Mobile email app for iOS

Acompli is a discontinued mobile app that allowed for user interaction with email messages as well as management of multiple email accounts in one programme. In addition, the tool also organized one's calendar and shared files. This application provided for integration with cloud storage platforms such as Dropbox, OneDrive, and iCloud; it also carried support for Microsoft Exchange and Gmail. Acompli launched on 24 April 2014. The startup company, which had $7.3 million in funding, was led by CEO Javier Soltero, J.J. Zhuang (CTO) and Kevin Henrikson (VP of Engineering).

First released in April 2014 by the venture capital-backed startup of the same name, Acompli was acquired by Microsoft in December 2014. On January 29, 2015, Acompli was re-branded as Outlook Mobile—sharing its name with the Microsoft Outlook desktop personal information manager and Outlook.com email service.

== History ==
Acompli was co-founded as a startup by Javier Soltero, the former chief technology officer of VMWare, alongside JJ Zhuang (CTO), and Kevin Henrikson (VP of Engineering). It received $7.3 million in funding from Redpoint Ventures, Harrison Metal and Felicis Ventures. At Redpoint Ventures, Satish Dharmaraj played a pivotal role in bringing the founders together.

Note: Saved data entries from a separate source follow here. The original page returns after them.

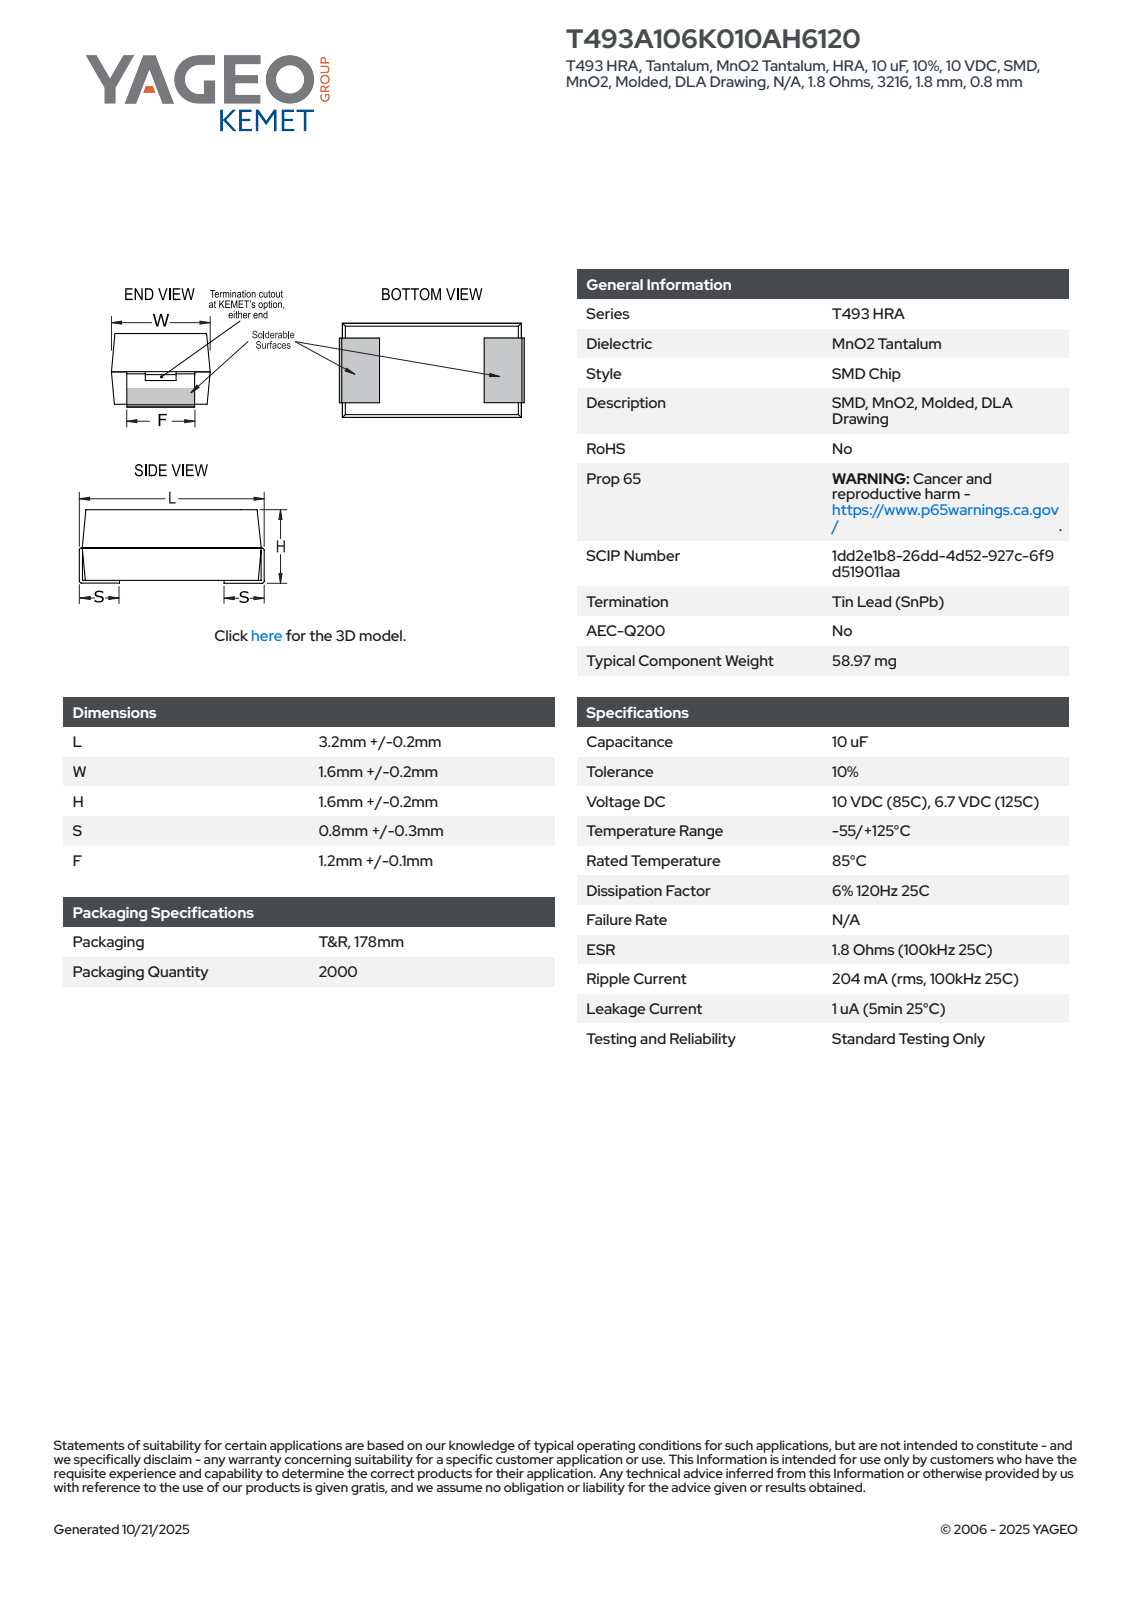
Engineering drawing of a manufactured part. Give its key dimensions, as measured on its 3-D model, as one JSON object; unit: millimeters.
{"part_name": "CTSM_Case_Top_21; CTSM_Case_Anode_21; CTSM_Case_Cathode_21; CTSM_Case_Bottom_21 (+1 more)", "step_written_by": "SolidWorks 2014 (AUTOMOTIVE_DESIGN)", "units": "millimeters", "bodies": {"solids": 7, "faces": 94, "planar": 90, "cylindrical": 4, "other": 0}, "overall_size": [3.4, 1.8, 1.8], "volume_mm3": 9, "surface_area_mm2": 47, "face_to_face_distances": [0.75, 1.67, 0.92, 1.8, 1.79, 3.27, 0.88, 3.13, 3.12, 0.85]}
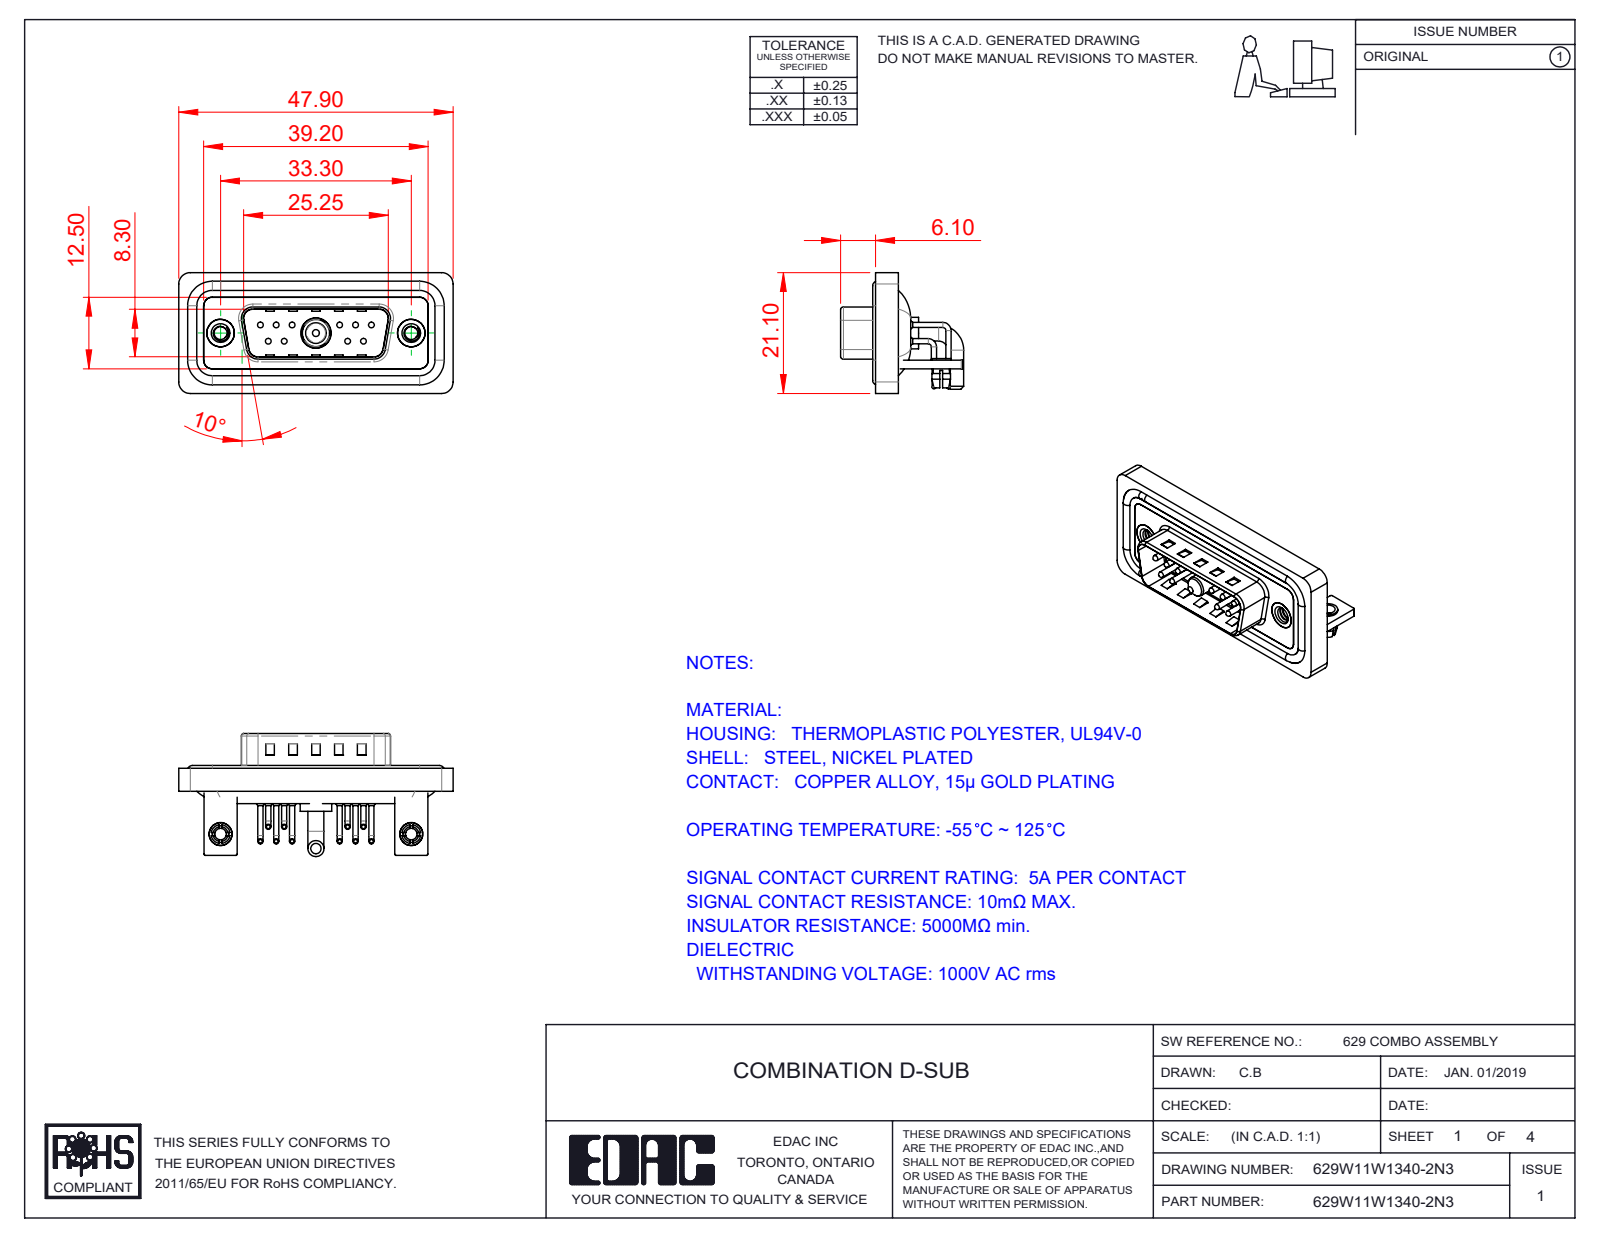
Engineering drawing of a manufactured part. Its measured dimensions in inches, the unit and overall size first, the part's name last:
Units: inches
Overall size (bounding box): 1.886 × 0.846 × 0.831
Round holes (diameter × count): ⌀0.079 ×12, ⌀0.03 ×10, ⌀0.063 ×10, ⌀0.089 ×2, ⌀0.098 ×2, ⌀0.126 ×2, ⌀0.157 ×2, ⌀0.189 ×2, ⌀0.197 ×2, ⌀0.191 ×1, ⌀0.209 ×1
Round bosses / shafts (diameter × count): ⌀0.035 ×20, ⌀0.059 ×10, ⌀0.039 ×10, ⌀0.026 ×10, ⌀0.063 ×4, ⌀0.193 ×2, ⌀0.157 ×2, ⌀0.134 ×2
Partial cylindrical surfaces — rounded edges, fillets, slot ends (radius × count): R0.079 ×21, R0.059 ×18, R0.01 ×16, R0.04 ×10, R0.02 ×9, R0.063 ×8, R0.039 ×7, R0.024 ×4
Main face-to-face distances: 0.016, 0.031, 0.059, 0.114, 0.083, 0.043, 0.063, 0.047, 0.146, 0.161
Hole centre spacings: 0.124, 0.109, 0.545, 0.436, 0.654, 0.198, 0.198, 0.218
Volume: 0.36 in³ · Surface area: 15.62 in²
Bodies: 23 solids, 1735 faces (904 planar, 619 cylindrical, 212 other)
Part name (STEP PRODUCT): 629Combo Threaded Rivet_3; 629Combo Shell Front_15 Contacts; 629Combo Contact Row 2; 629Combo Housing_11W1 (+7 more)
STEP written by: SolidWorks 2023 (CONFIG_CONTROL_DESIGN)

In order to distinguish itself from other recent email startups, such as Mailbox, Soltero decided to target the enterprise market—particularly, users of Microsoft Exchange servers. He felt that such users had been underserved by the lacking or non-existent support for Exchange in existing mail apps, believing that their developers—despite its wide adoption, "do not fathom the possibility of anyone using Exchange." A result of this mandate was the decision to make the app a personal information manager rather than only an email client, integrating a calendar, a list of recent contacts, and a list of recent files from attachments and cloud storage services.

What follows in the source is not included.